In summary, the book discusses the technical details of some of the most prominent free software cloud computing products, while at the same time addresses the high-level concerns of the technology. Therefore, it will not surprise anyone that reading the book was really a great experience...

– Jesus M. Gonzalez-BarahonaKing Juan Carlos University, Spain

This book is a compendium of several proven and potential open source systems for the transformative and disruptive cloud idea. The book provides all the right and relevant details on where to get these technologies, how to install them, and when it is appropriate to use one technology over another. For those deciding to start the endeavour of creating their own cloud, this book serves as a starting point for research on practical purposes and systems design.

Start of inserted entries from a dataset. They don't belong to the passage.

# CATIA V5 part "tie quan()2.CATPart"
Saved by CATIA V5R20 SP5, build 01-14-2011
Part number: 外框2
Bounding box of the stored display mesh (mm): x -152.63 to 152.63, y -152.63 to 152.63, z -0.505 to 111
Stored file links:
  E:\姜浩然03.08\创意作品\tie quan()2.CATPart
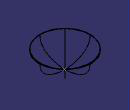
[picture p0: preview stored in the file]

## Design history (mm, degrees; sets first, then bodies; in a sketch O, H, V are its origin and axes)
Body1 (main body)
  Sketch1 on xy-plane, origin (0, 0, 0), H (1, 0, 0), V (0, 1, 0)
    circle A1 centre (0, 0) radius 5
  Pad1: profile Sketch1, direction (0, 0, 1), length 0.5, mirrored extent
  Plane1: type Offset, RefPlane zx-plane, Offset 5, reversed
  Point1: type OnPlane, Support Plane1, H 0, V 0, Direction (-1, 0, 0)
  Circle1: type CtrRad, Start 0, End 180, Center Point1, Support Plane1, Radius 0.5, FirstDirection (-1, 0, 0)
  Sketch2 on yz-plane, origin (0, 0, 0), H (0, 1, 0), V (0, 0, 1)
    spline S1 through (-4.955, 0) (-152.1268, 105.2207) (-152.1268, 109.4858)
    point P1 (-4.955, 0)
    coincidence: P1 H
  Rib1: profile Circle1, centre curve Sketch2
  CircPattern1: of the body so far, instances 8, angular step 45, axis from end face of Pad1
Body2
  Plane2: type Offset, RefPlane xy-plane, Offset 110
  Sketch3 on Plane2, origin (0, 0, 110), H (1, 0, 0), V (0, 1, 0)
    circle A1 centre (0, 0) radius 151.634
  Pad2: profile Sketch3, direction (0, 0, 1), length 1, mirrored extent
  Sketch4 on end face of Pad2, origin (0, 0, 111), H (1, 0, 0), V (0, 1, 0)
    point P1 (0, 0)
  Hole1: placed by Sketch4, at (0, 0, 111) direction (0, 0, -1), diameter 300, through (limit type 6)
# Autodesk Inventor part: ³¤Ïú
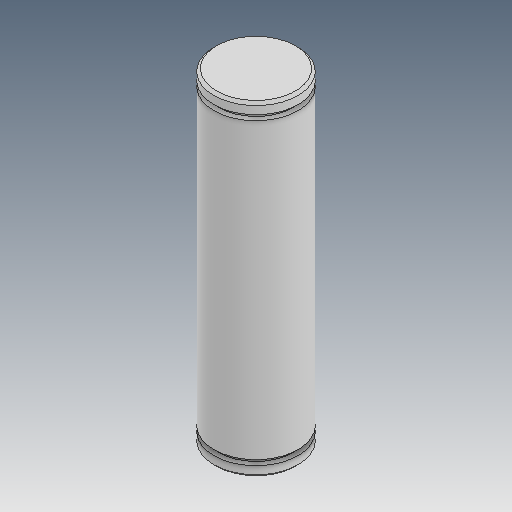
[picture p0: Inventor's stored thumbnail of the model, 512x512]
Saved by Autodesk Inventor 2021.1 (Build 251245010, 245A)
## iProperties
Created: 2019-04
Part Number: ³¤Ïú
Material: Ogólny
Document SubType Name: Modeling
Designer: user
Density: 1 g/cm^3
Appearance: Domyślna
Author: user
Revision Number: ÈÎºÎ
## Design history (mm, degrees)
feature "ÊäÈë1"
node "Bryła1"
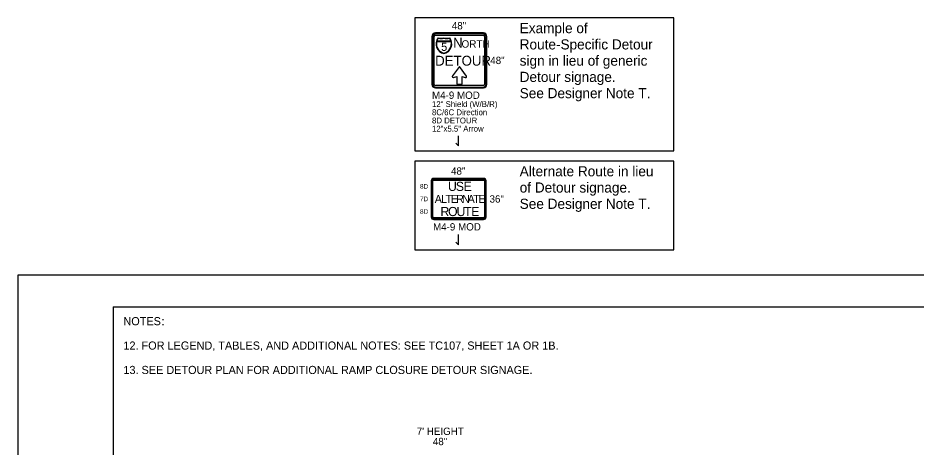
# Model space of a CAD drawing. Extents: x 99999 to 100116, y 99995 to 100013.
# Drawn here: x 100059.06 to 100067.9, y 100009 to 100013.22 of the extents above; entities that cross this region are included whole.
import ezdxf

# ---------------------------------------------------------------- set-up
doc = ezdxf.new("R2010")
doc.units = 0
for name, color, linetype in [('SH_GI_GeneralNotesBodyText', 7, 'Continuous'), ('SH_GI_PlotLimits', 7, 'Continuous'), ('SH_GI_SheetBorder', 7, 'Continuous'), ('TR_SN_ConstructionSigns', 7, 'Continuous'), ('TR_WZ_WorkZoneDetails', 7, 'Continuous')]:
    doc.layers.add(name, color=color, linetype=linetype)

msp = doc.modelspace()

# ---------------------------------------------------------------- linework, layer by layer
at = {"layer": 'SH_GI_PlotLimits'}
msp.add_lwpolyline([(100059.0625, 99999.6875), (100076.0625, 99999.6875), (100076.0625, 100010.6875), (100059.0625, 100010.6875)], close=True, dxfattribs=at)
at = {"layer": 'SH_GI_SheetBorder'}
for q in [(100060, 100000), (100075.75, 100010.375)]:
    msp.add_line((100060, 100010.375), q, dxfattribs=at)
at = {"layer": 'TR_SN_ConstructionSigns'}
for p, q in [((100063.1354, 100013.0373), (100063.1354, 100012.5648)), ((100063.1438, 100013.0373), (100063.1438, 100012.5648)), ((100063.1579, 100012.5648), (100063.1579, 100013.0373)), ((100063.6416, 100013.0711), (100063.1691, 100013.0711)), ((100063.6416, 100013.0626), (100063.1691, 100013.0626)), ((100063.1691, 100013.0486), (100063.6416, 100013.0486)), ((100063.6529, 100013.0373), (100063.6529, 100012.5648)), ((100063.6669, 100012.5648), (100063.6669, 100013.0373)), ((100063.6754, 100012.5648), (100063.6754, 100013.0373)), ((100063.3228, 100012.9875), (100063.1823, 100012.9875)), ((100063.1823, 100012.9875), (100063.3228, 100012.9875)), ((100063.1834, 100012.9912), (100063.3217, 100012.9912)), ((100063.3217, 100012.9912), (100063.1834, 100012.9912)), ((100063.6416, 100012.5536), (100063.1691, 100012.5536)), ((100063.1691, 100012.5395), (100063.6416, 100012.5395)), ((100063.1691, 100012.5311), (100063.6416, 100012.5311)), ((100063.6424, 100011.6405), (100063.153, 100011.6405)), ((100063.6424, 100011.6335), (100063.153, 100011.6335)), ((100063.153, 100011.6236), (100063.6424, 100011.6236)), ((100063.1277, 100011.6152), (100063.1277, 100011.2608)), ((100063.1347, 100011.6152), (100063.1347, 100011.2608)), ((100063.1446, 100011.2608), (100063.1446, 100011.6152)), ((100063.6508, 100011.6152), (100063.6508, 100011.2608)), ((100063.6607, 100011.2608), (100063.6607, 100011.6152)), ((100063.6677, 100011.2608), (100063.6677, 100011.6152)), ((100063.6424, 100011.2524), (100063.153, 100011.2524)), ((100063.153, 100011.2425), (100063.6424, 100011.2425)), ((100063.153, 100011.2355), (100063.6424, 100011.2355))]:
    msp.add_line(p, q, dxfattribs=at)
msp.add_lwpolyline([(100063.3367, 100012.6494), (100063.3356, 100012.6478), (100063.335, 100012.6461), (100063.3347, 100012.6441), (100063.3348, 100012.6424), (100063.335, 100012.6412), (100063.3356, 100012.6398), (100063.3373, 100012.6375), (100063.3386, 100012.6364), (100063.34, 100012.6355), (100063.3417, 100012.6348), (100063.3432, 100012.6345), (100063.3447, 100012.6343), (100063.3465, 100012.6343), (100063.3478, 100012.6346), (100063.3795, 100012.6424), (100063.3795, 100012.5671), (100063.4307, 100012.5671), (100063.4307, 100012.6429), (100063.4617, 100012.6337), (100063.4647, 100012.6331), (100063.4681, 100012.6334), (100063.4703, 100012.6342), (100063.4733, 100012.6362), (100063.4752, 100012.6389), (100063.476, 100012.6414), (100063.4761, 100012.6436), (100063.4754, 100012.6463), (100063.4746, 100012.6477), (100063.4051, 100012.7405), (100063.3367, 100012.6494)], dxfattribs=at)
for centre, radius, start, end in [((100063.1691, 100013.0373), 0.0337, 90, 180), ((100063.1691, 100013.0373), 0.0253, 90, 180), ((100063.1691, 100013.0373), 0.0113, 90, 180), ((100063.6416, 100013.0373), 0.0338, 360, 90), ((100063.6416, 100013.0373), 0.0253, 360, 90), ((100063.6416, 100013.0373), 0.0113, 360, 90), ((100063.2725, 100012.9642), 0.0973, 142.16169, 258.18105), ((100063.2715, 100012.9633), 0.0925, 164.85517, 258.18105), ((100063.2715, 100012.9633), 0.0925, 164.85517, 258.18105), ((100063.2715, 100012.9633), 0.0925, 142.16169, 162.48397), ((100063.2715, 100012.9633), 0.0925, 142.16169, 162.48397), ((100063.2245, 100013.1212), 0.1014, 253.48525, 286.04538), ((100063.2259, 100013.1124), 0.0964, 253.48525, 286.04538), ((100063.2259, 100013.1124), 0.0964, 253.48525, 286.04538), ((100063.2806, 100013.1212), 0.1014, 253.95462, 286.51475), ((100063.2792, 100013.1124), 0.0964, 253.95462, 286.51475), ((100063.2792, 100013.1124), 0.0964, 253.95462, 286.51475), ((100063.2325, 100012.9642), 0.0974, 281.90384, 37.84925), ((100063.2335, 100012.9633), 0.0925, 281.90384, 15.1558), ((100063.2335, 100012.9633), 0.0925, 281.90384, 15.1558), ((100063.2335, 100012.9633), 0.0925, 17.52691, 37.84925), ((100063.2335, 100012.9633), 0.0925, 17.52691, 37.84925), ((100063.1691, 100012.5648), 0.0338, 180, 270), ((100063.1691, 100012.5648), 0.0253, 180, 270), ((100063.1691, 100012.5648), 0.0113, 180, 270), ((100063.6416, 100012.5648), 0.0337, 270, 360), ((100063.6416, 100012.5648), 0.0253, 270, 0), ((100063.6416, 100012.5648), 0.0113, 270, 0), ((100063.153, 100011.6152), 0.0253, 90, 180), ((100063.153, 100011.6152), 0.0183, 90, 180), ((100063.153, 100011.6152), 0.00844, 90, 180), ((100063.6424, 100011.6152), 0.0253, 360, 90), ((100063.6424, 100011.6152), 0.0183, 360, 90), ((100063.6424, 100011.6152), 0.00844, 360, 90), ((100063.153, 100011.2608), 0.0253, 180, 270), ((100063.153, 100011.2608), 0.0183, 180, 270), ((100063.153, 100011.2608), 0.00844, 180, 270), ((100063.6424, 100011.2608), 0.0253, 270, 360), ((100063.6424, 100011.2608), 0.0183, 270, 0), ((100063.6424, 100011.2608), 0.00844, 270, 0)]:
    msp.add_arc(centre, radius, start, end, dxfattribs=at)
at = {"layer": 'TR_WZ_WorkZoneDetails'}
for p, q in [((100063.3963, 100011.9605), (100063.3963, 100012.0605)), ((100063.3713, 100011.9855), (100063.3963, 100011.9605)), ((100063.3963, 100010.9875), (100063.3963, 100011.0875)), ((100063.3713, 100011.0125), (100063.3963, 100010.9875))]:
    msp.add_line(p, q, dxfattribs=at)
for points in [[(100062.9666, 100011.9105), (100065.5143, 100011.9105), (100065.5143, 100013.2191), (100062.9666, 100013.2191)], [(100062.9666, 100010.9375), (100065.5143, 100010.9375), (100065.5143, 100011.8105), (100062.9666, 100011.8105)]]:
    msp.add_lwpolyline(points, close=True, dxfattribs=at)

# ---------------------------------------------------------------- texts
at = {"layer": 'SH_GI_GeneralNotesBodyText'}
for s, p in [('NOTES', (100060.1, 100010.195)), (':', (100060.4743, 100010.195)), ('12. FOR LEGEND, TABLES, AND ADDITIONAL NOTES: SEE TC107, SHEET 1A OR 1B.', (100060.1, 100009.955)), ('13. SEE DETOUR PLAN FOR ADDITIONAL RAMP CLOSURE DETOUR SIGNAGE.', (100060.1, 100009.715))]:
    msp.add_text(s, height=0.08, rotation=360, dxfattribs=at).set_placement(p)
at = {"layer": 'TR_SN_ConstructionSigns'}
for s, height, p in [('48"', 0.072, (100063.3306, 100013.1071)), ('5', 0.081, (100063.2253, 100012.8951)), ('N', 0.0972, (100063.3432, 100012.9267)), ('ORTH', 0.0729, (100063.4264, 100012.9267)), ('DETOUR', 0.0972, (100063.1668, 100012.7497)), ('48"', 0.072, (100063.7086, 100012.7651)), ('M4-9 MOD', 0.072, (100063.1354, 100012.4231)), ('12" Shield (W/B/R)', 0.0576, (100063.1354, 100012.3424)), ('8C/6C Direction', 0.0576, (100063.1354, 100012.2618)), ('8D DETOUR', 0.0576, (100063.1354, 100012.1811)), ('12"x5.5" Arrow', 0.0576, (100063.1354, 100012.1005)), ('48"', 0.072, (100063.323, 100011.6765)), ('36"', 0.072, (100063.7015, 100011.402)), ('M4-9 MOD', 0.072, (100063.1457, 100011.1275)), ("7' HEIGHT", 0.072, (100062.9856, 100009.1157)), ('48"', 0.072, (100063.144, 100009.0149))]:
    msp.add_text(s, height=height, rotation=360, dxfattribs=at).set_placement(p)
for s, height, p in [('8D', 0.045, (100063.018, 100011.5392)), ('U', 0.09, (100063.2933, 100011.5167)), ('S', 0.09, (100063.3698, 100011.5167)), ('E', 0.09, (100063.4463, 100011.5167)), ('7D', 0.045, (100063.018, 100011.4155)), ('A', 0.0787, (100063.1626, 100011.3986)), ('L', 0.0787, (100063.2241, 100011.3986)), ('T', 0.0787, (100063.269, 100011.3986)), ('E', 0.0787, (100063.3201, 100011.3986)), ('R', 0.0787, (100063.3737, 100011.3986)), ('N', 0.0787, (100063.4312, 100011.3986)), ('A', 0.0787, (100063.4863, 100011.3986)), ('T', 0.0787, (100063.5414, 100011.3986)), ('E', 0.0787, (100063.5926, 100011.3986)), ('R', 0.09, (100063.2186, 100011.2692)), ('O', 0.09, (100063.2933, 100011.2692)), ('U', 0.09, (100063.377, 100011.2692)), ('T', 0.09, (100063.4517, 100011.2692)), ('E', 0.09, (100063.521, 100011.2692)), ('8D', 0.045, (100063.018, 100011.2917))]:
    msp.add_text(s, height=height, dxfattribs=at).set_placement(p)
at = {"layer": 'TR_WZ_WorkZoneDetails'}
for s, p in [('Example of ', (100063.9983, 100013.0691)), ('Route-Specific Detour ', (100063.9983, 100012.9091)), ('sign in lieu of generic ', (100063.9983, 100012.7491)), ('Detour signage.', (100063.9983, 100012.5891)), ('See Designer Note T.', (100063.9983, 100012.4291)), ('Alternate Route in lieu ', (100063.9983, 100011.6605)), ('of Detour signage.', (100063.9983, 100011.5005)), ('See Designer Note T.', (100063.9983, 100011.3405))]:
    msp.add_text(s, height=0.1, dxfattribs=at).set_placement(p)

doc.saveas('drawing.dxf')

– Professor Pethuru Raj, Infrastructure Architect, IBM India

Author's/Editor's Biography

Luis Vaquero (Ed.)
holds B.Sc. (Electronics), M.Sc. (Electrical Engineering), and Ph.D. (Information Technologies) degrees from Universidad de Valladolid, and M.Sc. (Pharmacology) and Ph.D. (Medicine) from Universidad Complutense de Madrid. After graduating he was a research associate in several U.S. centers and a Researcher and IPR Manager for Telefonica. He is also a part-time Assistant Professor at Universidad Rey Juan Carlos. Dr. Vaquero recently joined Hewlett-Packard Labs. His research interests are in distributed systems and their application to other fields, such as social, educational, and biomedical sciences.

Juan Cáceres (Ed.)
has a Research MSc. in Complex Systems Development and a MSc. in Computer Science from the Technology University of Madrid (UPM). He is a Platform Architect and Technical Coordinator for the Telefónica Global Cloud Services, focused on IaaS Cloud. In the past, at Telefónica I+D, he was Research Manager in the Cloud Computing Area covering architecture, technical coordination, research and development team leadership and internal research agenda management (FP7 RESERVOIR, 4CaaSt, StratusLab and IRMOS, and NUBA Spanish Avanza). As middleware specialist, he was the architect and main developer of the Telefónica I+D’s Open Source CORBA (TIDOrb) and SOA Middleware Platform used in critical systems such as Telecom and air traffic control systems. In Telefónica I+D he was also Free/Libre Open Source Software communities’ management, licensing business models experience at the MORFEO Community and participating in the Qualipso FP6 project.

Juan Hierro (Ed.)
currently holds the position of Chief Technologist on Software Technologies at Telefonica R&D. He obtained a degree in Computer Science in 1990 from the School of Computer Science of the Polytechnic University of Madrid (UPM) and owns a certificate of investigation proficiency by the same university. Juanjo holds a vice-chair position at the Steering Committee of NESSI, the European Technology Platform on Software and Services (see wwww.nessi-europe.eu). Juanjo has participated as invited expert in several workshops as well as advisory expert groups organized by the European Commission in order to define objectives related to software and services in the EU Research Framework Program 7 (FP7). He also participates as invited expert by the European Commission in the Working Group focused on the Future Internet of Services and chairs the Service Front Ends Collaboration Working Group at FP7. Recently, has participated and assisted as an expert in a report that the EC is planning to produce about strategy on software for Europe.